Services, Software, and Peripherals.

(1)  In General

	NetUSA currently serves as its own distributor for most services 
and directly deal with customers.  The web services division, in 
particular, directly interacts with customers and in fact serves as 
conduit for other companies' products with customers (see below).  The 
software division has additional methods of distribution (see below).

Due to the nature of NetUSA's business, the company is not 
dependent on major customers.  NetUSA pursues its intellectual property 
rights mostly through copyrighting and registering trademarks.  NetUSA 
currently has 16 employees, 13 of whom are full-time employees.

(2)  Telecommunications

	The Telecommunications Division of NetUSA currently markets two 
main services: Internet dial-up service, and Internet fax service 
(hereinafter Interfax).  The Internet dial-up service allows users to 
connect to the Internet using their personal computers and modems, to 
receive and send electronic mail, and to access the World Wide Web.  
Interfax allows users to send facsimiles through the Internet at cost 
that is significantly lower than the phone rate the users would 
otherwise have needed to pay, particularly if the faxes were to be sent 
to international destinations.

	As is common knowledge, Internet dial-up service and Internet 
faxing are highly-competitive areas of business.  NetUSA plans to 
compete by offering friendly service with easy-to-reach customer 
service, but does not foresee the dial-up service to be a substantial 
source of revenue.  NetUSA does derive significant revenue from 
Interfaxing, but has no plans to expand the service at the moment.

	There are no current or expected governmental regulations that 
should significantly affect most of NetUSA's telecommunications 
services.

(3)  Web Services

	The web services division of NetUSA currently has two main 
services: SoftwareCenter (http://www.softwarecenter.com) and web 
design/hosting.  SoftwareCenter is a fast growing leading online 
software information and reseller center for downloadable commercial 
software; shareware and publications geared to consumers, small business 
and large enterprise.  SoftwareCenter.com is securing a leading position 
in the explosive e-commerce market, and becoming economically successful 
by capturing royalties, promotion and advertising revenues in this 
exciting market place.  Through SoftwareCenter.com, the Company offers 
customers a comprehensive selection of software product and 
publications, quality customer service and competitive pricing.  

SoftwareCenter.com's business strategy also fits in the emerging 
Electronic Commerce outsourcing model, which allows software development 
companies to concentrate on creating technologies and cutting edge 
products, and grow the sales through vast channels like 
SoftwareCenter.com.  This is nothing new to software development 
companies since they have been doing this through traditional physical 
distribution channels and retail stores.  Now software companies can 
reach customer's world wide in a reliable and cost effective way by 
listing and resell their product through SoftwareCenter.com.  

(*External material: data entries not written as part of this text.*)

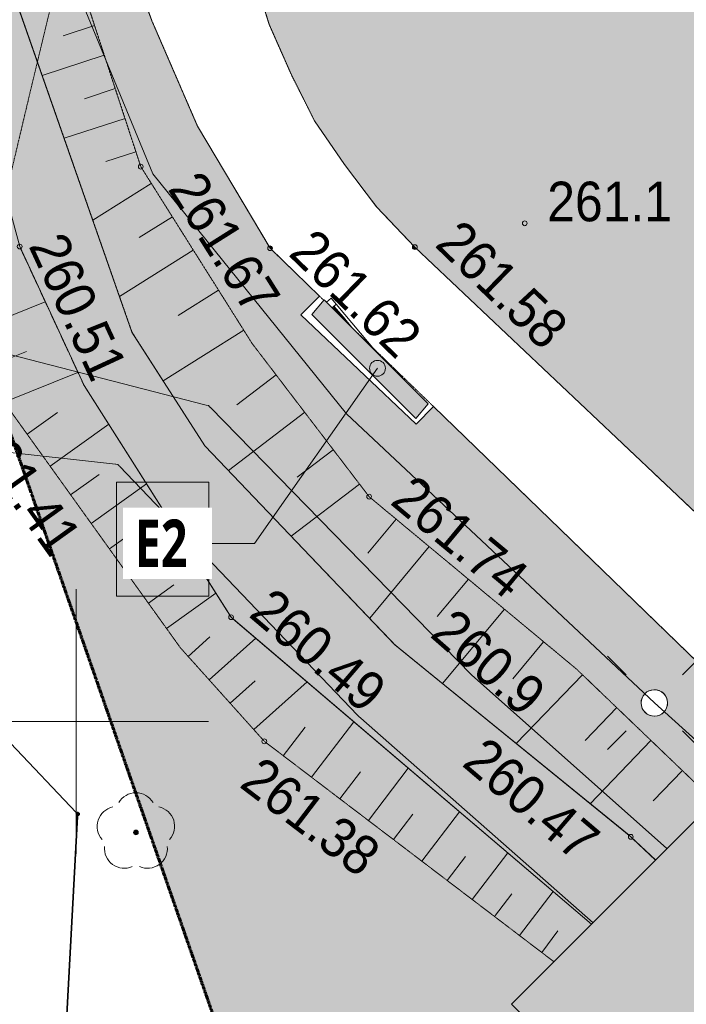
# Model space of a CAD drawing. Header units: millimetres. Extents: x -188930 to 271134, y -158090 to 283816.
# Tile 11 of 256: x -48343 to -35742, y 31502 to 50124. Entities that reach past the tile are written whole.
import ezdxf

# ---------------------------------------------------------------- set-up
doc = ezdxf.new("R2010")
doc.units = ezdxf.units.MM
for name, pattern in [('AA_ZAKRES', [5, 3, -1, 0, -1]), ('IMPORT-217-500 _2_', [4, 0, -1, 3, 0]), ('IMPORT-218-500', [2, 1, -1]), ('IMPORT-823-500', [3.5, 2.5, -1])]:
    doc.linetypes.add(name, pattern=pattern)
for name, color, linetype, lineweight in [('203-Punkt załamania granicy działki nie stabilizowany', 7, 'Continuous', 9), ('218-Granica użytku-2', 94, 'IMPORT-218-500', 9), ('25_2021_Modlnica_staw_dz223_mdcp_19042022_dwg-1', 7, 'Continuous', 9), ('A-DETL-GENF-1', 47, 'Continuous', 9), ('A-DETL-GENF-2', 141, 'Continuous', 9), ('A-DETL-GENF-3', 94, 'Continuous', 9), ('A-DETL-GENF-4', 9, 'Continuous', 9), ('A-DETL-THIN', 151, 'Continuous', 9), ('A-GENM', 13, 'Continuous', 9), ('EDZPD_219-1', 1, 'Continuous', 9), ('EDZPD_219-2', 94, 'Continuous', 9), ('EPUPR_250-1', 211, 'Continuous', 35), ('G-ANNO-TEXT-1', 170, 'Continuous', 9), ('G-ANNO-TEXT-2', 5, 'Continuous', 9), ('latarnia _punkt_', 7, 'Continuous', 9), ('przewód elektroenergetyczny _linia_-1', 1, 'Continuous', 9), ('punkt wysokościowy naturalny-Atr2', 7, 'Continuous', 9), ('PZT_ZAKRES', 10, 'AA_ZAKRES', 70), ('SDRPK_423-1', 7, 'IMPORT-217-500 _2_', 9), ('SZWPW_849-1', 4, 'Continuous', 9), ('SZZPZ_922', 7, 'Continuous', 9), ('SZZPZ_922-1', 94, 'Continuous', 9), ('Warstwa 60', 7, 'Continuous', 9), ('WUKPS_403', 7, 'Continuous', 9), ('WUKPS_820', 7, 'Continuous', 9), ('WUKPS_823-1', 7, 'IMPORT-823-500', 9), ('WUKPS_824-1', 7, 'IMPORT-823-500', 9), ('WWRPP_801', 7, 'Continuous', 9)]:
    doc.layers.add(name, color=color, linetype=linetype, lineweight=lineweight)
doc.styles.add('@Malgun Gothic_B', font='malgunbd.ttf', dxfattribs={"width": 0.75, "height": 900})
doc.styles.add('Arial_10', font='arial.ttf', dxfattribs={"width": 0.9, "height": 750})

# ---------------------------------------------------------------- blocks, each defined once
blk = doc.blocks.new('25_2021_Modlnica_staw_dz223_mdcp_19042022_dwg_SM01-V16-PZT-dwg')
at = {"layer": 'latarnia _punkt_'}
for p, q in [((-5300, 5310), (-8830, 8840)), ((5310, 5310), (8840, 8840)), ((-5300, -5300), (-8830, -8830)), ((5310, -5300), (8840, -8830))]:
    blk.add_line(p, q, dxfattribs=at)
blk.add_circle((0, 0), 2500, dxfattribs=at)
blk = doc.blocks.new('25_2021_Modlnica_staw_dz223_mdcp_19042022_dwg_922_38-1961500-PZT-dwg')
at = {"layer": 'SZZPZ_922'}
blk.add_hatch(color=256, dxfattribs=at).paths.add_polyline_path([(-12, -43), (22, -39), (32, -32), (45, 0), (43, 12), (32, 32), (0, 45), (-12, 43), (-32, 32), (-43, 12), (-43, -12), (-32, -32), (-19, -39)])
at = {"layer": 'SZZPZ_922-1'}
blk.add_circle((0, 0), 45, dxfattribs=at)
for centre, start, end in [((0, 375), 30.1471, 149.8529), ((-357, 116), 102.1471, 221.8529), ((357, 116), 318.1471, 77.8529), ((-220, -303), 174.1472, 293.8529), ((220, -303), 246.1471, 5.8529)]:
    blk.add_arc(centre, 375, start, end, dxfattribs=at)
blk = doc.blocks.new('25_2021_Modlnica_staw_dz223_mdcp_19042022_dwg_140_12-1961603-PZT-dwg')
at = {"layer": 'WUKPS_403'}
blk.add_circle((0, 0), 45, dxfattribs=at)
blk = doc.blocks.new('25_2021_Modlnica_staw_dz223_mdcp_19042022_dwg_140_41-1961633-PZT-dwg')
at = {"layer": 'WUKPS_403'}
blk.add_circle((0, 0), 45, dxfattribs=at)
blk = doc.blocks.new('25_2021_Modlnica_staw_dz223_mdcp_19042022_dwg_140_42-1961634-PZT-dwg')
at = {"layer": 'WUKPS_403'}
blk.add_circle((0, 0), 45, dxfattribs=at)
blk = doc.blocks.new('25_2021_Modlnica_staw_dz223_mdcp_19042022_dwg_140_43-1961635-PZT-dwg')
at = {"layer": 'WUKPS_403'}
blk.add_circle((0, 0), 45, dxfattribs=at)
blk = doc.blocks.new('25_2021_Modlnica_staw_dz223_mdcp_19042022_dwg_140_82-1961675-PZT-dwg')
at = {"layer": 'WUKPS_403'}
blk.add_circle((0, 0), 45, dxfattribs=at)
blk = doc.blocks.new('25_2021_Modlnica_staw_dz223_mdcp_19042022_dwg_140_100-1961694-PZT-dwg')
at = {"layer": 'WUKPS_403'}
blk.add_circle((0, 0), 45, dxfattribs=at)
blk = doc.blocks.new('25_2021_Modlnica_staw_dz223_mdcp_19042022_dwg_140_130-1961724-PZT-dwg')
at = {"layer": 'WWRPP_801'}
blk.add_circle((0, 0), 45, dxfattribs=at)
blk = doc.blocks.new('25_2021_Modlnica_staw_dz223_mdcp_19042022_dwg_140_210-1961804-PZT-dwg')
at = {"layer": 'WUKPS_403'}
blk.add_hatch(color=256, dxfattribs=at).paths.add_polyline_path([(35, -22), (43, -12), (43, 12), (32, 32), (0, 45), (-27, 29), (16, -10), (25, -16)])
blk.add_circle((0, 0), 45, dxfattribs=at)
blk = doc.blocks.new('25_2021_Modlnica_staw_dz223_mdcp_19042022_dwg_140_211-1961805-PZT-dwg')
at = {"layer": 'WUKPS_403'}
blk.add_hatch(color=256, dxfattribs=at).paths.add_polyline_path([(32, -32), (43, 1), (-43, 2), (-43, -12), (-32, -32), (-12, -43), (31, -32)])
blk.add_circle((0, 0), 45, dxfattribs=at)
blk = doc.blocks.new('25_2021_Modlnica_staw_dz223_mdcp_19042022_dwg_203-1961430-PZT-dwg')
at = {"layer": '203-Punkt załamania granicy działki nie stabilizowany'}
blk.add_hatch(color=256, dxfattribs=at).paths.add_polyline_path([(-37, -448), (305, -331), (444, -74), (396, 174), (37, 448), (-246, 377), (-444, 74), (-246, -357)])
blk = doc.blocks.new('25_2021_Modlnica_staw_dz223_mdcp_19042022_dwg-1821906-PZT-dwg')
at = {"layer": '218-Granica użytku-2', "flags": 128}
blk.add_lwpolyline([(-7430047, 2311144), (-7431836, 2308788), (-7441932, 2310093), (-7463271, 2304114), (-7469603, 2300999), (-7475568, 2295814), (-7496356, 2270945)], dxfattribs=at)
at = {"layer": 'EDZPD_219-1'}
for p, q in [((-7497265, 2272029), (-7492726, 2268100)), ((-7494759, 2267863), (-7498157, 2270056)), ((-7492778, 2261578), (-7494709, 2267797)), ((-7490541, 2256077), (-7492748, 2261497))]:
    blk.add_line(p, q, dxfattribs=at)
at = {"layer": 'EDZPD_219-1', "flags": 128}
for points in [[(-7492726, 2268100), (-7492693, 2268071), (-7492680, 2268031)], [(-7492679, 2268029), (-7490512, 2261296), (-7488664, 2256710)], [(-7494712, 2267804), (-7494723, 2267839), (-7494755, 2267861)], [(-7492748, 2261497), (-7492765, 2261538), (-7492778, 2261578)]]:
    blk.add_lwpolyline(points, dxfattribs=at)
at = {"layer": 'EDZPD_219-2'}
for p, q in [((-7498358, 2262298), (-7498886, 2264022)), ((-7500222, 2258952), (-7498367, 2262219))]:
    blk.add_line(p, q, dxfattribs=at)
at = {"layer": 'EDZPD_219-2', "flags": 128}
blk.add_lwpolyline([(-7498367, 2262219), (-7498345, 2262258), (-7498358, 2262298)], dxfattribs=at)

The company believes that SoftwareCenter.com is one of the most 
widely known and used sites on the World Wide Web for information and 
purchasing of software product.  The Company fulfills a customer 
purchase through secured downloading system.  The company believes it 
provides superior value to its customers by offering one of the largest 
selections of brand-name, high quality software available online and the 
convenience of shopping globally available 24 hours a day and 7 days a 
week.
 
SoftwareCenter.com's owns and operates a large database with 
automated system to permit the sale, order processing and delivery of 
software with limited human intervention. This approach, combined with 
significant operational experience, enables the Company to address the 
complex process of real time online ordering. The Company has developed 
relationships with many leading software publishers, who have signed up 
agreement with the Company to distribute software. 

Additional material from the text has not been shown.